Problem description:
First find the line containing "door_shape = door_5ebe6300(model_context)" in the data, then set it down exactly along with every line after it, through the last.

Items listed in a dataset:
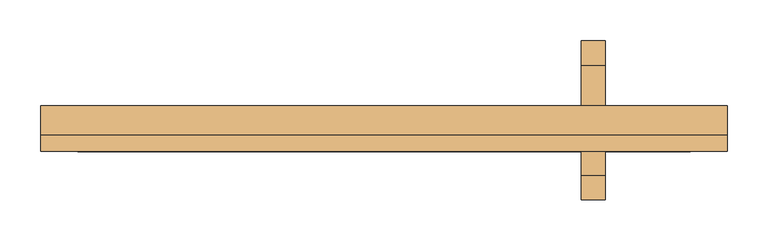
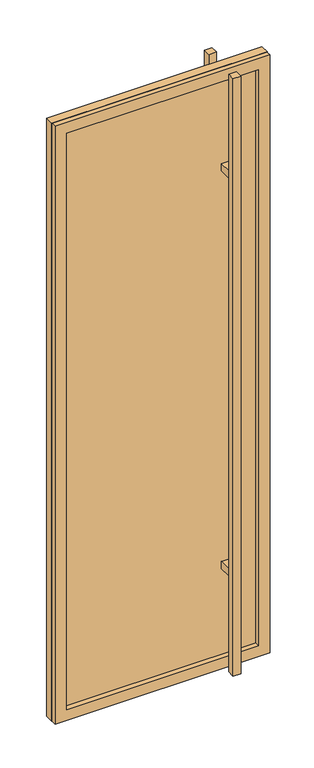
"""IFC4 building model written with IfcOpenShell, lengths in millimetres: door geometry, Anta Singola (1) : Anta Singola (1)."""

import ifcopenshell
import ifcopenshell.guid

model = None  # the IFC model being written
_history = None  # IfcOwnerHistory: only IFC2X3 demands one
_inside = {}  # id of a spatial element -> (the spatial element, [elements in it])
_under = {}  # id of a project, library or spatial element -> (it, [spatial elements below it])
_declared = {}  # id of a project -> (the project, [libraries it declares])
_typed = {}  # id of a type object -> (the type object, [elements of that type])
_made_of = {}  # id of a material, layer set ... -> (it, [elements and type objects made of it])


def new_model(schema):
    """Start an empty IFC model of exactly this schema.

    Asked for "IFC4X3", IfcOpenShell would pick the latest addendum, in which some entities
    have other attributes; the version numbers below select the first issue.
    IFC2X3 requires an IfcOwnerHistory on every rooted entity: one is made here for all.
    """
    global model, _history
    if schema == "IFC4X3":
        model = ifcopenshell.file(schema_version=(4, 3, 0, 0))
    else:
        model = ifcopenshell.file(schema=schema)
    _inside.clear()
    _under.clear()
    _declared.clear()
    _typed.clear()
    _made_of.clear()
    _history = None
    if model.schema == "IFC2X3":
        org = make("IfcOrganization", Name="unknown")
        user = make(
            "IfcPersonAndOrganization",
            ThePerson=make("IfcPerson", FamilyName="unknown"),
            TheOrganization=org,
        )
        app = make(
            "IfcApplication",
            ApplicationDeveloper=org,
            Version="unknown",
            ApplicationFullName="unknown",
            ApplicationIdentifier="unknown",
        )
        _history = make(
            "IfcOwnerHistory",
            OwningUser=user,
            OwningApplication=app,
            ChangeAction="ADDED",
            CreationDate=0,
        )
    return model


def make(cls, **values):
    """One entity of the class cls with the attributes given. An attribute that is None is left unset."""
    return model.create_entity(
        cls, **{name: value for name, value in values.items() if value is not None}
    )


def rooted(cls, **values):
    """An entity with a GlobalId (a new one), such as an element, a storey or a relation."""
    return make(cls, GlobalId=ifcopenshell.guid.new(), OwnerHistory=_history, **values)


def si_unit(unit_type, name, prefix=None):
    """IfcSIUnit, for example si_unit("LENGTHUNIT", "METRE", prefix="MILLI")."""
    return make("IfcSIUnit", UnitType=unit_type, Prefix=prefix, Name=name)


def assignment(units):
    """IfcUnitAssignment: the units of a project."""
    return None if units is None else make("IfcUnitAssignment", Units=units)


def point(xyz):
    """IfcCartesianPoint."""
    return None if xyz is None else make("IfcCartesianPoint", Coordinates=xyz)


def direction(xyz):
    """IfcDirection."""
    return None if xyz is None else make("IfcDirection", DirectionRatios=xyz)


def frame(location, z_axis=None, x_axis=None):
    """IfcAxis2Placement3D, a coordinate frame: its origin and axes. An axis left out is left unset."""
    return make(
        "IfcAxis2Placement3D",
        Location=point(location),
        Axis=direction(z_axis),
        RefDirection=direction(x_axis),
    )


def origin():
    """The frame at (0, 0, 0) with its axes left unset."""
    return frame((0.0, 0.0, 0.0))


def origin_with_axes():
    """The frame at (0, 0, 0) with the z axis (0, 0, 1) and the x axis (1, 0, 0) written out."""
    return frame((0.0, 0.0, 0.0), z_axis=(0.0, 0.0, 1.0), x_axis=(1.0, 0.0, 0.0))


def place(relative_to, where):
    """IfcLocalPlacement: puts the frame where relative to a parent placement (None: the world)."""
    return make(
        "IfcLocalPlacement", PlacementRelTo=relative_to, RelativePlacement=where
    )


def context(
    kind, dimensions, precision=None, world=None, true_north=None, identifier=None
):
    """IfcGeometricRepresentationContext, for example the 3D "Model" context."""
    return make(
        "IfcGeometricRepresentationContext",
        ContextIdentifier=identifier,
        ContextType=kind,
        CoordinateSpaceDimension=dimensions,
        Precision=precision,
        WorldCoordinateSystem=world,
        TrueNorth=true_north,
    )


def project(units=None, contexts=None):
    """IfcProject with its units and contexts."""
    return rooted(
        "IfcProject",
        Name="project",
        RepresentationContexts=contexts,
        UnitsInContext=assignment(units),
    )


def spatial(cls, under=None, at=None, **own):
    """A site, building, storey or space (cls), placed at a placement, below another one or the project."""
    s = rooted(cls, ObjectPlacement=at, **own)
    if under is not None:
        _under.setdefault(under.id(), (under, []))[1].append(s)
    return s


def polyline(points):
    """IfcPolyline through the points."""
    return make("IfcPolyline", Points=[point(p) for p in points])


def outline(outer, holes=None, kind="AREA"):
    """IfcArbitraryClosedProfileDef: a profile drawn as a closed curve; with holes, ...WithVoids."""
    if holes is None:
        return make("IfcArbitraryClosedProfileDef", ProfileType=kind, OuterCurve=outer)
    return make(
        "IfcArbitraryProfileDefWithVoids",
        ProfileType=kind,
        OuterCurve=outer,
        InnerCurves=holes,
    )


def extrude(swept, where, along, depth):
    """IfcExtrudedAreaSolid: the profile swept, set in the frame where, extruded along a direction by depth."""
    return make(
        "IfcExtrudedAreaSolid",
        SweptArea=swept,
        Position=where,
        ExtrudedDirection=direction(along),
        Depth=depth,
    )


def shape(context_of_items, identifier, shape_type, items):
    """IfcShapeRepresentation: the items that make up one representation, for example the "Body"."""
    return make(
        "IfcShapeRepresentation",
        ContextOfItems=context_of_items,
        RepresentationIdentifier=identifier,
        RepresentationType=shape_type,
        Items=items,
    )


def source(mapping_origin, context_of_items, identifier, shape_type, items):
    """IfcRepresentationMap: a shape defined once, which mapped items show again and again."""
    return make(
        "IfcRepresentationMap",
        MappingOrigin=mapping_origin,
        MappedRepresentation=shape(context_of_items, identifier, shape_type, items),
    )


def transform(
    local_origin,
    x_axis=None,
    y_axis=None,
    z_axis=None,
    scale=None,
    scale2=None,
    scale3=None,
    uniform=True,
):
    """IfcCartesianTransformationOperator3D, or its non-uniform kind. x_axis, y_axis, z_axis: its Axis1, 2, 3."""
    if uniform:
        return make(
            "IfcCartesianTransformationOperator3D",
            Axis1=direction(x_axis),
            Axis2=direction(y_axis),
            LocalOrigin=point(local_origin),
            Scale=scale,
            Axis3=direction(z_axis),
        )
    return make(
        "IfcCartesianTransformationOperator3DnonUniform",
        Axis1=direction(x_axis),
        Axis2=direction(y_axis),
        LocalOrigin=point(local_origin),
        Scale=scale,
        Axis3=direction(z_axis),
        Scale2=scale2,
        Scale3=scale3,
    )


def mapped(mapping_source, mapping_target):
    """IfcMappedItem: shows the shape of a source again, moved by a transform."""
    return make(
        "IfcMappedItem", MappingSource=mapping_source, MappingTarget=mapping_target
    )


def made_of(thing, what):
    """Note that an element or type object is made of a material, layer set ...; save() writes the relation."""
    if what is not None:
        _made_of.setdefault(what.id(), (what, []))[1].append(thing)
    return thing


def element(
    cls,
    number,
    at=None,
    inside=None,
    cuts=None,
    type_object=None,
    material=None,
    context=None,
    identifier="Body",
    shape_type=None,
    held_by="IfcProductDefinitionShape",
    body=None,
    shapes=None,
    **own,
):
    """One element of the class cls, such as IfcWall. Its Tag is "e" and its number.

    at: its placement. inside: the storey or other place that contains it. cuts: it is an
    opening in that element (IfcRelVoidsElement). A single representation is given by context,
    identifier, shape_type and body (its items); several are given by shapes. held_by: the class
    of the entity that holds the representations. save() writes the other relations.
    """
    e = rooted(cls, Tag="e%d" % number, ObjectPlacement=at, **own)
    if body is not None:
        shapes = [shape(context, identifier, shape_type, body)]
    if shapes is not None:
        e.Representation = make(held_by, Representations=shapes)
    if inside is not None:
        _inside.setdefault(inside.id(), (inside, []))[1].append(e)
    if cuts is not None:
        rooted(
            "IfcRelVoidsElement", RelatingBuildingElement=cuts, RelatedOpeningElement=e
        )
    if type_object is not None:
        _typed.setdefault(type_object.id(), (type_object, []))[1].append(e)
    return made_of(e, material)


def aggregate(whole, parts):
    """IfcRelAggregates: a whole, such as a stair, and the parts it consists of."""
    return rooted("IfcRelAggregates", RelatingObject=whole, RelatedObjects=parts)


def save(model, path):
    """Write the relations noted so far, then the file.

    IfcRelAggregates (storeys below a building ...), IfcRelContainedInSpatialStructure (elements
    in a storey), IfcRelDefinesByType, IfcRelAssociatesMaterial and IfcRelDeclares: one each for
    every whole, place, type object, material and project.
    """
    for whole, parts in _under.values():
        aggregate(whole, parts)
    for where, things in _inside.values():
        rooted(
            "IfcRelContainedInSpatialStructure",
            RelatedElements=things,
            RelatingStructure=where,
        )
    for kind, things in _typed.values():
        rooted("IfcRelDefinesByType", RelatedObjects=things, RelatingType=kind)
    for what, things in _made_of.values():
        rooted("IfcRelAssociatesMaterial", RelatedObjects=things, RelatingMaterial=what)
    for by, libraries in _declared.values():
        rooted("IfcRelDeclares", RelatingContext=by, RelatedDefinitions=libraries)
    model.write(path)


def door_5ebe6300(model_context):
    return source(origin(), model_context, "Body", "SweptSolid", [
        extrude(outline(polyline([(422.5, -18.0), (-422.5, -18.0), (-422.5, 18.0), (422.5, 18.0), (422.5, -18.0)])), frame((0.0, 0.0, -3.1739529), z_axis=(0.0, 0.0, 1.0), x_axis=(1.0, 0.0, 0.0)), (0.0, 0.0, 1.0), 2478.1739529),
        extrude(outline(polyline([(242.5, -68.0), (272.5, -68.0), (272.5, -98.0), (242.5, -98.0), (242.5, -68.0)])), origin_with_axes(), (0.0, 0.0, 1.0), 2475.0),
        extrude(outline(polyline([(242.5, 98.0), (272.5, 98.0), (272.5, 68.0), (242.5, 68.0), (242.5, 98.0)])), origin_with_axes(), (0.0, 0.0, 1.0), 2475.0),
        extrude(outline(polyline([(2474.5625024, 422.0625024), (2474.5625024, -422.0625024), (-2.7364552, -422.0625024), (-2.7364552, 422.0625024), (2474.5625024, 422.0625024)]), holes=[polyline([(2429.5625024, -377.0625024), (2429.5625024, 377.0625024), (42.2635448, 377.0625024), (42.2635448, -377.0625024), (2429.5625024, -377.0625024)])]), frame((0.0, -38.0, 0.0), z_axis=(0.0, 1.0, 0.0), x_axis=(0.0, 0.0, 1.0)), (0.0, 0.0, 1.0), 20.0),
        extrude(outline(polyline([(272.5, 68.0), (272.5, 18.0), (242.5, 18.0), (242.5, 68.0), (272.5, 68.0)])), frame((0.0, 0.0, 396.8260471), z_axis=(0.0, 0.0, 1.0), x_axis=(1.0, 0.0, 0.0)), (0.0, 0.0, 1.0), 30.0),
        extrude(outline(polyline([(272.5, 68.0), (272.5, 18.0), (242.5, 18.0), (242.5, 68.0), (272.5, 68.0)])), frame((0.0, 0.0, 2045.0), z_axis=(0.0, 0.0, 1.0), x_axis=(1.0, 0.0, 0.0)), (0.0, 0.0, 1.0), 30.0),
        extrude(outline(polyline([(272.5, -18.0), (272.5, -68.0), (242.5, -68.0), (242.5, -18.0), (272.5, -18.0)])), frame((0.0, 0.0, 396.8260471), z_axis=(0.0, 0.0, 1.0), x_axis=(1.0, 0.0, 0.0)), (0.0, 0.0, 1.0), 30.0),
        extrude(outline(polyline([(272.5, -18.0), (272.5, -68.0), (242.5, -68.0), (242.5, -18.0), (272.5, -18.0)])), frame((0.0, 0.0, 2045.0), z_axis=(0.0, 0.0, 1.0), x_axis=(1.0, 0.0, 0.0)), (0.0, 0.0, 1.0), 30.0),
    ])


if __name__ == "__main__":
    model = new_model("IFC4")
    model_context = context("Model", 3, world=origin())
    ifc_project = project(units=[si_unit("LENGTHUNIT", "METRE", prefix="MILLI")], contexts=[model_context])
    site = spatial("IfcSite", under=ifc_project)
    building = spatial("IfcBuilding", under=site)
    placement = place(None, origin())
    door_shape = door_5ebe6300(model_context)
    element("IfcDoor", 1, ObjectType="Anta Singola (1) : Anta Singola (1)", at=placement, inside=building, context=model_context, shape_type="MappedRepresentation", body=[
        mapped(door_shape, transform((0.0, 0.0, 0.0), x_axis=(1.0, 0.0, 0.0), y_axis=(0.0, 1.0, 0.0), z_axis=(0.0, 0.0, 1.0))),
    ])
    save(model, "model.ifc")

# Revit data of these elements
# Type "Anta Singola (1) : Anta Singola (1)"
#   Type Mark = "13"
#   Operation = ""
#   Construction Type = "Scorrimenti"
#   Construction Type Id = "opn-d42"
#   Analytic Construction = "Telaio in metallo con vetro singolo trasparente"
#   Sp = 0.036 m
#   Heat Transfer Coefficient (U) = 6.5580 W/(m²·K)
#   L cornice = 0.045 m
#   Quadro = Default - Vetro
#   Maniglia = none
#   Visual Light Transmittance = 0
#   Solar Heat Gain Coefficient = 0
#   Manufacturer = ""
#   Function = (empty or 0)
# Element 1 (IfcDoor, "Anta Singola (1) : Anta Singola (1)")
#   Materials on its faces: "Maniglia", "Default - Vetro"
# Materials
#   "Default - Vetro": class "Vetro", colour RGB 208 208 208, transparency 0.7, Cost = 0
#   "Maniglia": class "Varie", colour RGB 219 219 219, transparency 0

Result of the task:
    door_shape = door_5ebe6300(model_context)
    element("IfcDoor", 1, ObjectType="Anta Singola (1) : Anta Singola (1)", at=placement, inside=building, context=model_context, shape_type="MappedRepresentation", body=[
        mapped(door_shape, transform((0.0, 0.0, 0.0), x_axis=(1.0, 0.0, 0.0), y_axis=(0.0, 1.0, 0.0), z_axis=(0.0, 0.0, 1.0))),
    ])
    save(model, "model.ifc")

# Revit data of these elements
# Type "Anta Singola (1) : Anta Singola (1)"
#   Type Mark = "13"
#   Operation = ""
#   Construction Type = "Scorrimenti"
#   Construction Type Id = "opn-d42"
#   Analytic Construction = "Telaio in metallo con vetro singolo trasparente"
#   Sp = 0.036 m
#   Heat Transfer Coefficient (U) = 6.5580 W/(m²·K)
#   L cornice = 0.045 m
#   Quadro = Default - Vetro
#   Maniglia = none
#   Visual Light Transmittance = 0
#   Solar Heat Gain Coefficient = 0
#   Manufacturer = ""
#   Function = (empty or 0)
# Element 1 (IfcDoor, "Anta Singola (1) : Anta Singola (1)")
#   Materials on its faces: "Maniglia", "Default - Vetro"
# Materials
#   "Default - Vetro": class "Vetro", colour RGB 208 208 208, transparency 0.7, Cost = 0
#   "Maniglia": class "Varie", colour RGB 219 219 219, transparency 0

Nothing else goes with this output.